• Work instructions
What you return must match the entries exactly, except that the pictures are gone.

======

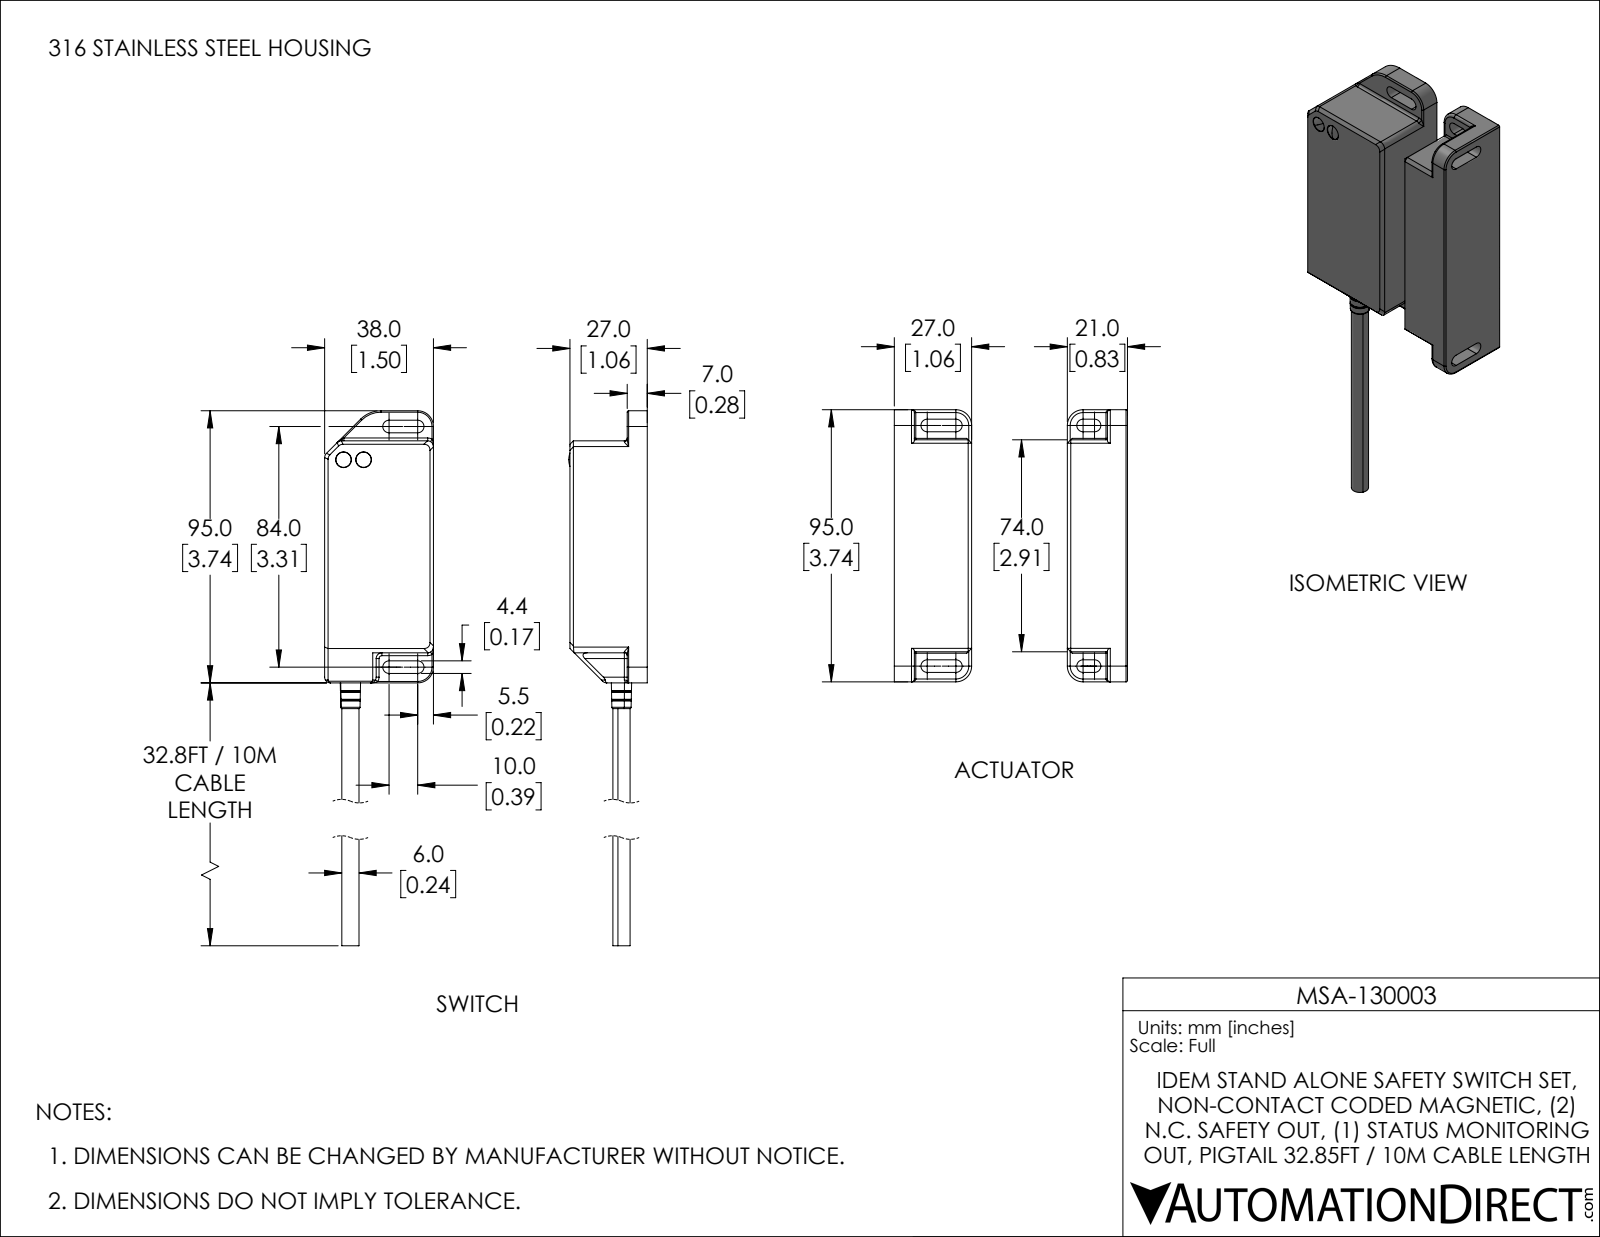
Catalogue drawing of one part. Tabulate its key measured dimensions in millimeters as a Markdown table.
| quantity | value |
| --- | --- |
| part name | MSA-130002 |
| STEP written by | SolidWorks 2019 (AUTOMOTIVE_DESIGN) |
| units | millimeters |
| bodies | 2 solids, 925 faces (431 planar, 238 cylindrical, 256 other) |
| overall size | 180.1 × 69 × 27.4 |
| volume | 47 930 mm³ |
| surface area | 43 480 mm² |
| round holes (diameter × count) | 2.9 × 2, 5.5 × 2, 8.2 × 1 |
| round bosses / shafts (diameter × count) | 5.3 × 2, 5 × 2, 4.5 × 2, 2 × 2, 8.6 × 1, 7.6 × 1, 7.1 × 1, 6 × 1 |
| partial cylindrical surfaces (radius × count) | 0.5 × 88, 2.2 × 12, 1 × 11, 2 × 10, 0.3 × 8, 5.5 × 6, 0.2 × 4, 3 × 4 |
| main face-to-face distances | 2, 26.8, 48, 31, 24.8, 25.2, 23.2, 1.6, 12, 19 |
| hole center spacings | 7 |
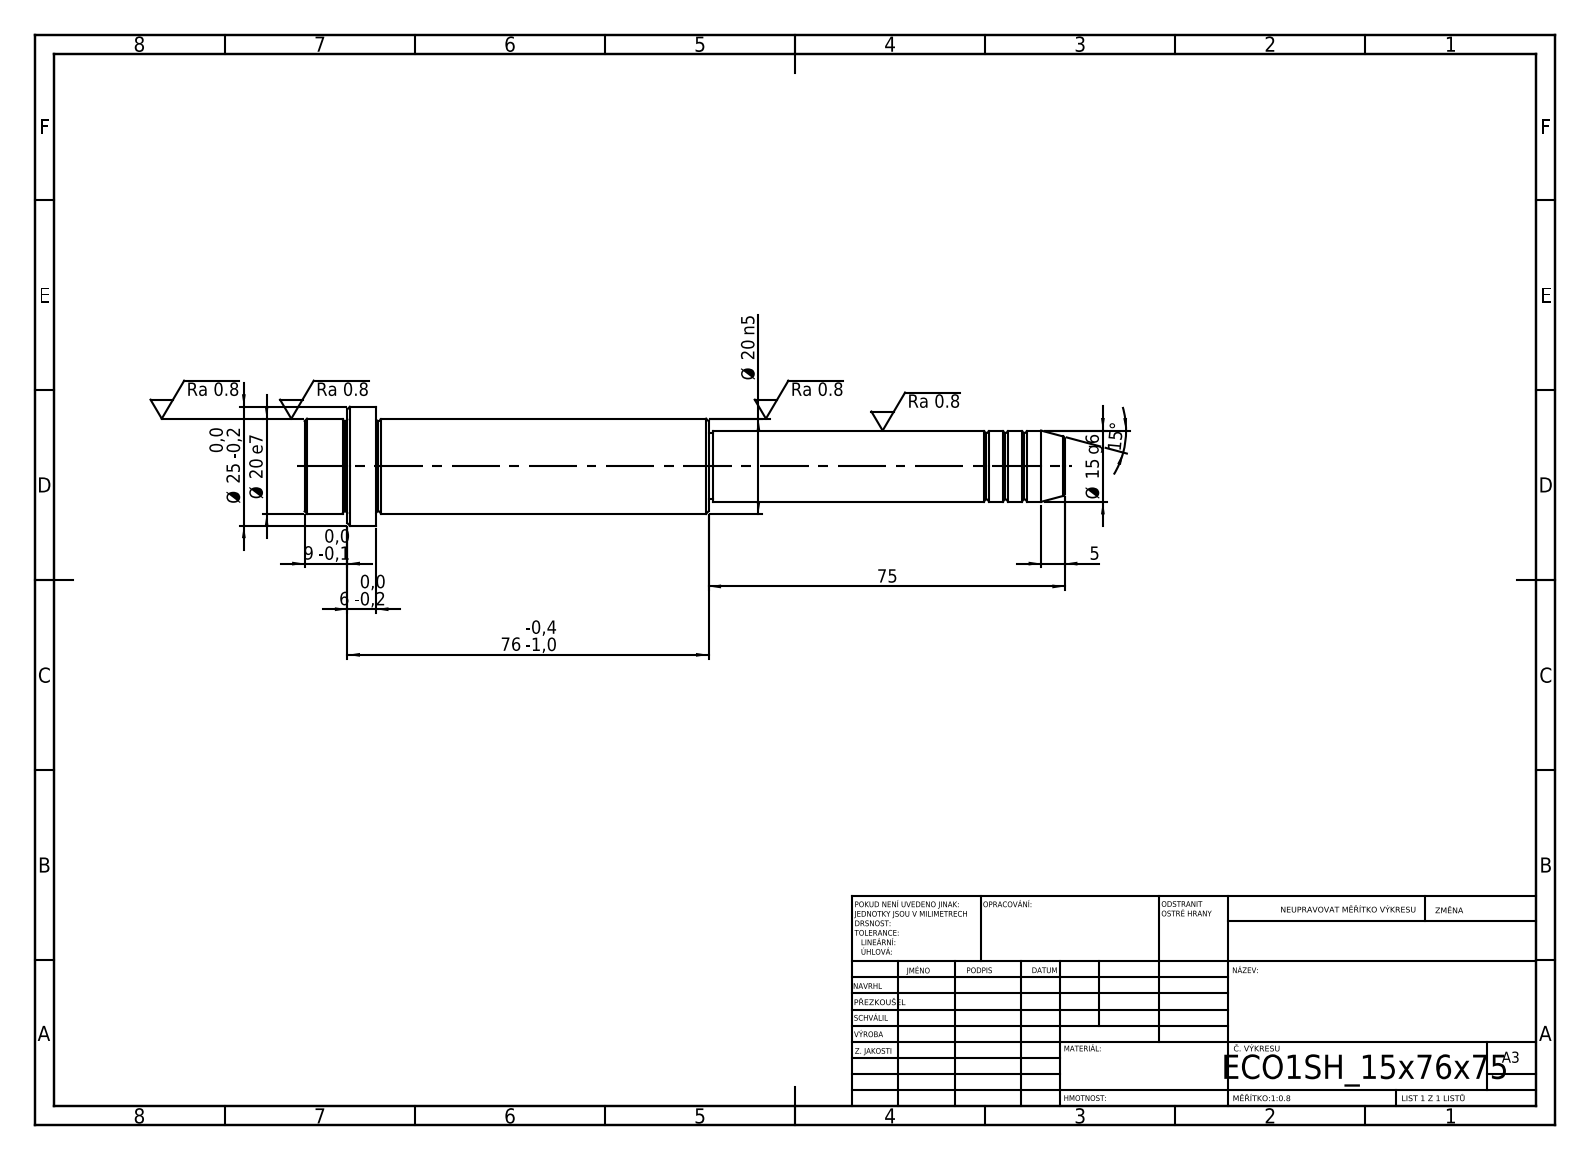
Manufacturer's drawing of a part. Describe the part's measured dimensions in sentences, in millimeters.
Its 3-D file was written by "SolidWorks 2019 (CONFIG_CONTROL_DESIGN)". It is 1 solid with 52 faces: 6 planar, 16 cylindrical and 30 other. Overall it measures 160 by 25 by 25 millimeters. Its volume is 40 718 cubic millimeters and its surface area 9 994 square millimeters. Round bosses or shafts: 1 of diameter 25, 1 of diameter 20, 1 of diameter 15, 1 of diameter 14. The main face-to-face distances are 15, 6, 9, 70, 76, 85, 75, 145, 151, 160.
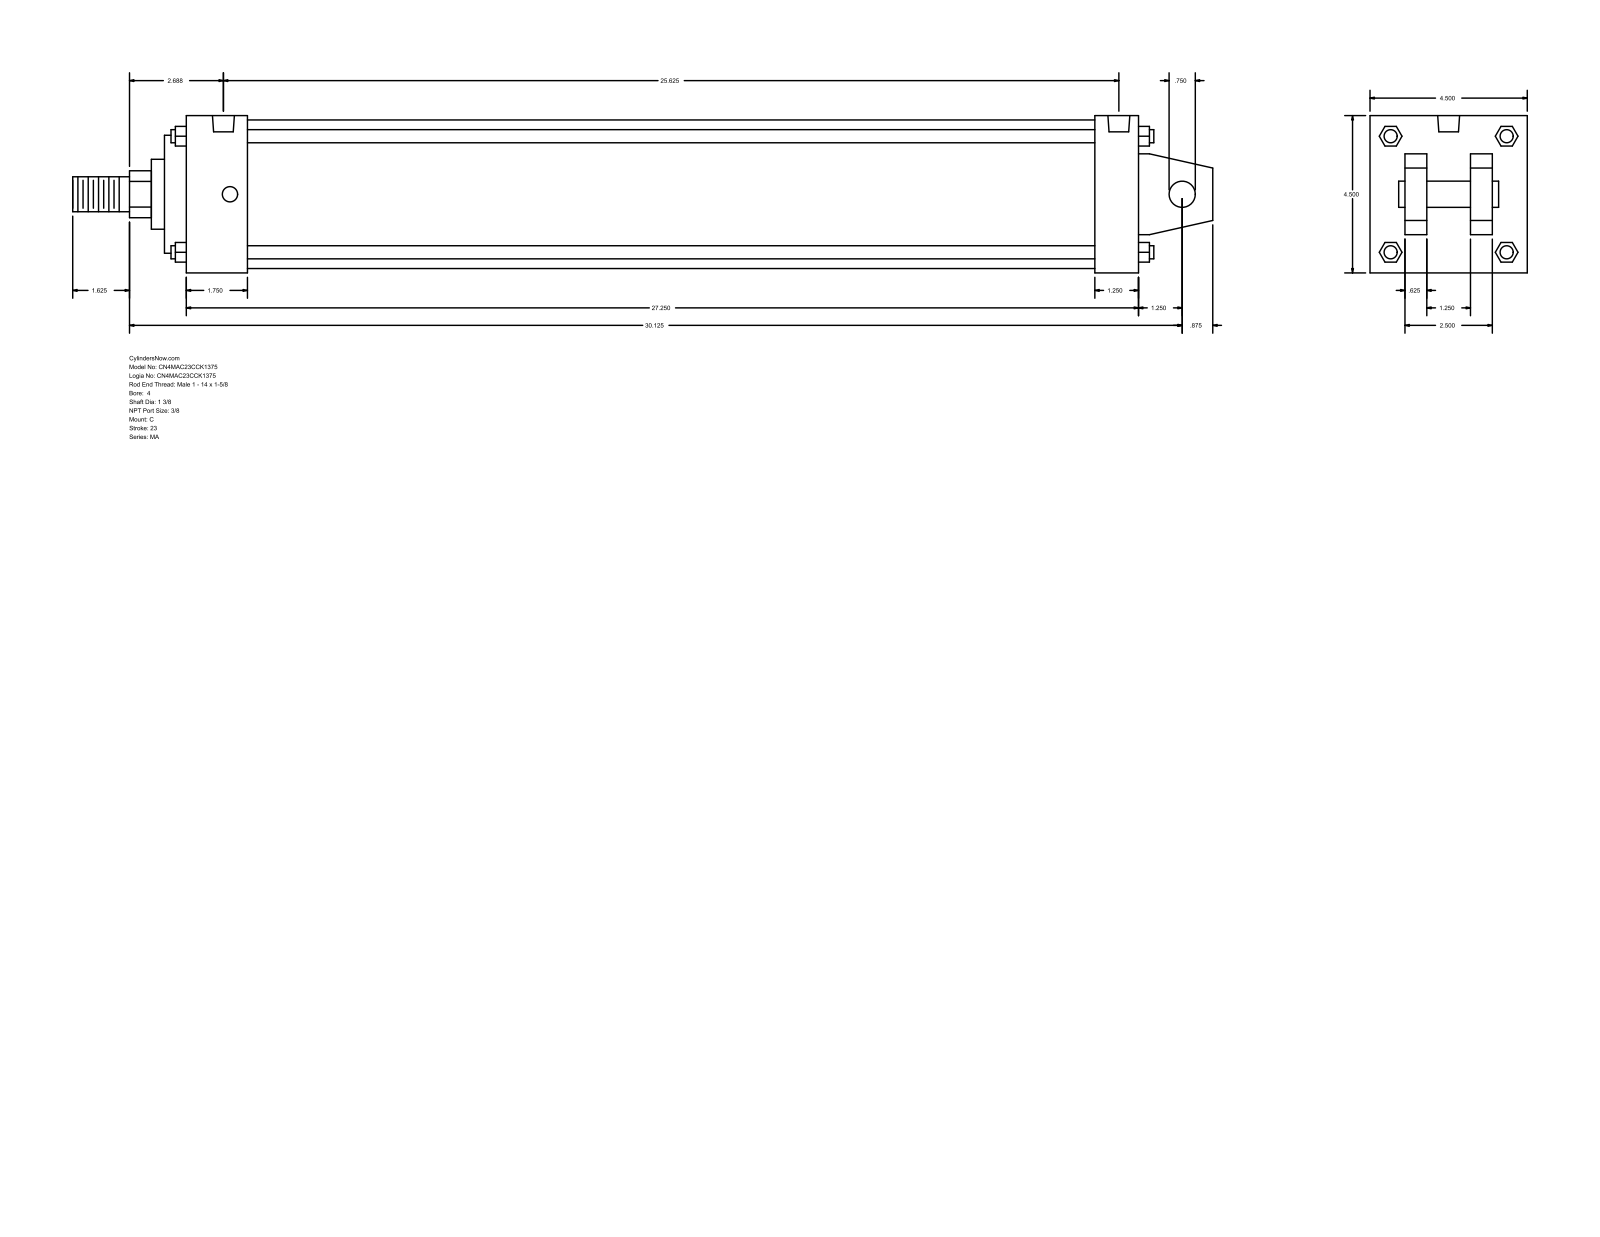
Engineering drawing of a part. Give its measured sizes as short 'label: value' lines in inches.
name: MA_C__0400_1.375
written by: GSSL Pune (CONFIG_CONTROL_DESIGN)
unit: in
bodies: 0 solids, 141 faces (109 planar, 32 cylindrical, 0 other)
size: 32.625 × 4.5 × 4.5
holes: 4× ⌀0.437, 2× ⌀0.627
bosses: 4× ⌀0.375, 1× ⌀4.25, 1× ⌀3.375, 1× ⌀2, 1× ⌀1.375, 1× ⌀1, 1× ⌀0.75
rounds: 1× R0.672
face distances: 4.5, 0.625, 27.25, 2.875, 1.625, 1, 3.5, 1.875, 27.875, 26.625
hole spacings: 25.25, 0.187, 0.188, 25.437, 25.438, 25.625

======

• Result of the exercise
Catalogue drawing of one part. Tabulate its key measured dimensions in millimeters as a Markdown table.
| quantity | value |
| --- | --- |
| part name | MSA-130002 |
| STEP written by | SolidWorks 2019 (AUTOMOTIVE_DESIGN) |
| units | millimeters |
| bodies | 2 solids, 925 faces (431 planar, 238 cylindrical, 256 other) |
| overall size | 180.1 × 69 × 27.4 |
| volume | 47 930 mm³ |
| surface area | 43 480 mm² |
| round holes (diameter × count) | 2.9 × 2, 5.5 × 2, 8.2 × 1 |
| round bosses / shafts (diameter × count) | 5.3 × 2, 5 × 2, 4.5 × 2, 2 × 2, 8.6 × 1, 7.6 × 1, 7.1 × 1, 6 × 1 |
| partial cylindrical surfaces (radius × count) | 0.5 × 88, 2.2 × 12, 1 × 11, 2 × 10, 0.3 × 8, 5.5 × 6, 0.2 × 4, 3 × 4 |
| main face-to-face distances | 2, 26.8, 48, 31, 24.8, 25.2, 23.2, 1.6, 12, 19 |
| hole center spacings | 7 |
Manufacturer's drawing of a part. Describe the part's measured dimensions in sentences, in millimeters.
Its 3-D file was written by "SolidWorks 2019 (CONFIG_CONTROL_DESIGN)". It is 1 solid with 52 faces: 6 planar, 16 cylindrical and 30 other. Overall it measures 160 by 25 by 25 millimeters. Its volume is 40 718 cubic millimeters and its surface area 9 994 square millimeters. Round bosses or shafts: 1 of diameter 25, 1 of diameter 20, 1 of diameter 15, 1 of diameter 14. The main face-to-face distances are 15, 6, 9, 70, 76, 85, 75, 145, 151, 160.
Engineering drawing of a part. Give its measured sizes as short 'label: value' lines in inches.
name: MA_C__0400_1.375
written by: GSSL Pune (CONFIG_CONTROL_DESIGN)
unit: in
bodies: 0 solids, 141 faces (109 planar, 32 cylindrical, 0 other)
size: 32.625 × 4.5 × 4.5
holes: 4× ⌀0.437, 2× ⌀0.627
bosses: 4× ⌀0.375, 1× ⌀4.25, 1× ⌀3.375, 1× ⌀2, 1× ⌀1.375, 1× ⌀1, 1× ⌀0.75
rounds: 1× R0.672
face distances: 4.5, 0.625, 27.25, 2.875, 1.625, 1, 3.5, 1.875, 27.875, 26.625
hole spacings: 25.25, 0.187, 0.188, 25.437, 25.438, 25.625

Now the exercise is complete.